I notice you still shoot right-eyed.


----------



## JoergS (Dec 17, 2009)

ZDP-189 said:


> I notice you still shoot right-eyed.


My vision did return in general, but I will need reading glasses for short distances and also the pupil is wider than the other one, more sensitive against light.

The lense is a little less transparent (glaucoma), the "fogging" is caused by the trauma. I do not notice that very much, though - maybe some day I have to replace the lense with an artificial one.

So in a way I was lucky. COuld have lost that eye, easily.

Jörg


----------



## NightKnight (Dec 16, 2009)

Ouch! Sorry to hear that you wont recover! That is a lesson hard learned!


----------



## JoergS (Dec 17, 2009)

AaronC said:


> Ouch! Sorry to hear that you wont recover! That is a lesson hard learned!


It is OK. I live a risky life. Motorbikes, fast cars in the land of no speed limits, martial arts, weapons of many kind - that does take its toll. Scars and partly uncurable injuries decorate a man's body.

Jörg


----------



## dgui (Jan 12, 2010)

Jorg I appreciate you sharing this regetable experience. I will never risk it again nor will I shoot around someone who had no eye protection. You have well made your point. anything can happen.


----------



## njenkins (Feb 3, 2010)

I concur and agree 110%. Eyesight is too important, to mess about. Its so important to me, I have custom prescription Transitions lenses for my tactical glasses. I don't think all have to go that extreme, but after being in the military, you just don't mess around when it comes to your peepers.


----------



## Flatband (Dec 18, 2009)

I have the same type too Nick. Eyesight is WAY too important to mess with. People say tapered bands always break at the pouch. Well 90% of the time yes,but that last 10% isn't worth the risk. I've had bands break lengthwise and come back like a whip with pointed edges-not fun. I was actually cut once on the cheek by a split band. That could've been an eye. Flatband


----------



## njenkins (Feb 3, 2010)

I have caught all my band tears so far.. And maybe one has been at the pouch. Rest by the forks.. You just never know.


----------



## Tex-Shooter (Dec 17, 2009)

That is also the reason I am always telling the new shooters not to stretch bands to there ultimate limit. When stretched to there ultimate limit they tend to tear linear instead of across the band and can even damage plastic safety glasses. The ultimate strength of latex is awesome. And yes always, always wear safety glasses! The only time I ever was slapped really hard (I have been lucky) was with a heavy tube that came off. Joerg, I hope that you eye heals itself completely with time. -- Tex


----------



## SnodyKnives (Mar 15, 2010)

JoergS said:


> Ouch! Sorry to hear that you wont recover! That is a lesson hard learned!

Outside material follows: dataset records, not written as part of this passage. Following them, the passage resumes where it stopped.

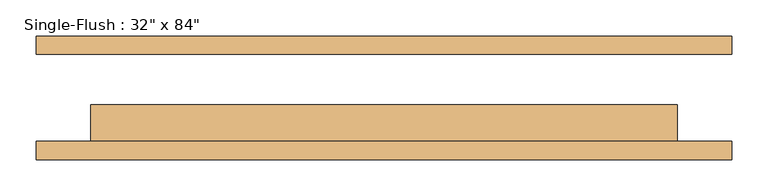
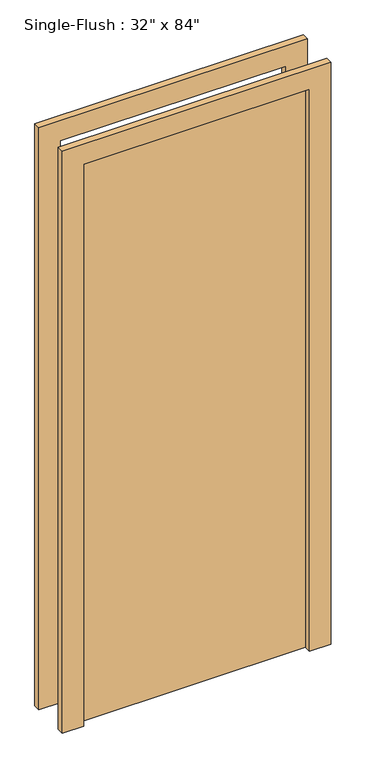
"""IFC4 building model written with IfcOpenShell, lengths in millimetres: door geometry."""

from ifc_helpers import new_model, si_unit, frame, origin, origin_with_axes, place, context, project, spatial, polyline, outline, extrude, source, transform, mapped, element, save


def door_40fd8627(model_context):
    return source(origin(), model_context, "Body", "SweptSolid", [
        extrude(outline(polyline([(2209.8, -482.6), (0.0, -482.6), (0.0, -406.4), (2133.6, -406.4), (2133.6, 406.4), (0.0, 406.4), (0.0, 482.6), (2209.8, 482.6), (2209.8, -482.6)])), frame((0.0, -85.725, 0.0), z_axis=(0.0, 1.0, 0.0), x_axis=(0.0, 0.0, 1.0)), (0.0, 0.0, 1.0), 25.4),
        extrude(outline(polyline([(2209.8, 482.6), (2209.8, -482.6), (0.0, -482.6), (0.0, -406.4), (2133.6, -406.4), (2133.6, 406.4), (0.0, 406.4), (0.0, 482.6), (2209.8, 482.6)])), frame((0.0, 60.325, 0.0), z_axis=(0.0, 1.0, 0.0), x_axis=(0.0, 0.0, 1.0)), (0.0, 0.0, 1.0), 25.4),
        extrude(outline(polyline([(406.4, -9.525), (406.4, -60.325), (-406.4, -60.325), (-406.4, -9.525), (406.4, -9.525)])), origin_with_axes(), (0.0, 0.0, 1.0), 2133.6),
    ])


if __name__ == "__main__":
    model = new_model("IFC4")
    model_context = context("Model", 3, world=origin())
    ifc_project = project(units=[si_unit("LENGTHUNIT", "METRE", prefix="MILLI")], contexts=[model_context])
    site = spatial("IfcSite", under=ifc_project)
    building = spatial("IfcBuilding", under=site)
    placement = place(None, origin())
    door_shape = door_40fd8627(model_context)
    element("IfcDoor", 1, ObjectType="Single-Flush : 32\" x 84\"", at=placement, inside=building, context=model_context, shape_type="MappedRepresentation", body=[
        mapped(door_shape, transform((0.0, 0.0, 0.0), x_axis=(1.0, 0.0, 0.0), y_axis=(0.0, 1.0, 0.0), z_axis=(0.0, 0.0, 1.0))),
    ])
    save(model, "model.ifc")

# Revit data of these elements
# Type "Single-Flush : 32\" x 84\""
#   Type Mark = "10"
#   Construction Type Id = "MDOOR"
#   Assembly Code = "C1020"
#   Analytic Construction = "Metal"
#   Thickness = 0' - 2"
#   Heat Transfer Coefficient (U) = 3.7021 W/(m²·K)
#   Height = 7' - 0"
#   Trim Projection Ext = 0' - 1"
#   Trim Projection Int = 0' - 1"
#   Trim Width = 0' - 3"
#   Width = 2' - 8"
#   Door Material = Door - Panel
#   Frame Material = Door - Frame
#   Visual Light Transmittance = 0
#   Solar Heat Gain Coefficient = 0
#   Function = (empty or 0)
#   Wall Closure = (empty or 0)
# Element 1 (IfcDoor, "Single-Flush : 32\" x 84\"")
#   Materials on its faces: "Door - Frame", "Door - Panel"
# Materials
#   "Door - Panel": class "Wood", colour RGB 210 159 95, transparency 0
#   "Door - Frame": class "Miscellaneous", colour RGB 118 70 51, transparency 0

It is OK. I live a risky life. Motorbikes, fast cars in the land of no speed limits, martial arts, weapons of many kind - that does take its toll. Scars and partly uncurable injuries decorate a man's body.

Jörg
[/quote]

Great post..

Thanks for sharing....

Much Respect...


----------



## dgui (Jan 12, 2010)

SnodyKnives said:


> Ouch! Sorry to hear that you wont recover! That is a lesson hard learned!


It is OK. I live a risky life. Motorbikes, fast cars in the land of no speed limits, martial arts, weapons of many kind - that does take its toll. Scars and partly uncurable injuries decorate a man's body.

Jörg
[/quote]

Great post..

Thanks for sharing....

Much Respect...
[/quote]

I have had my share of passionate disasters but I admit Im a wimp.


----------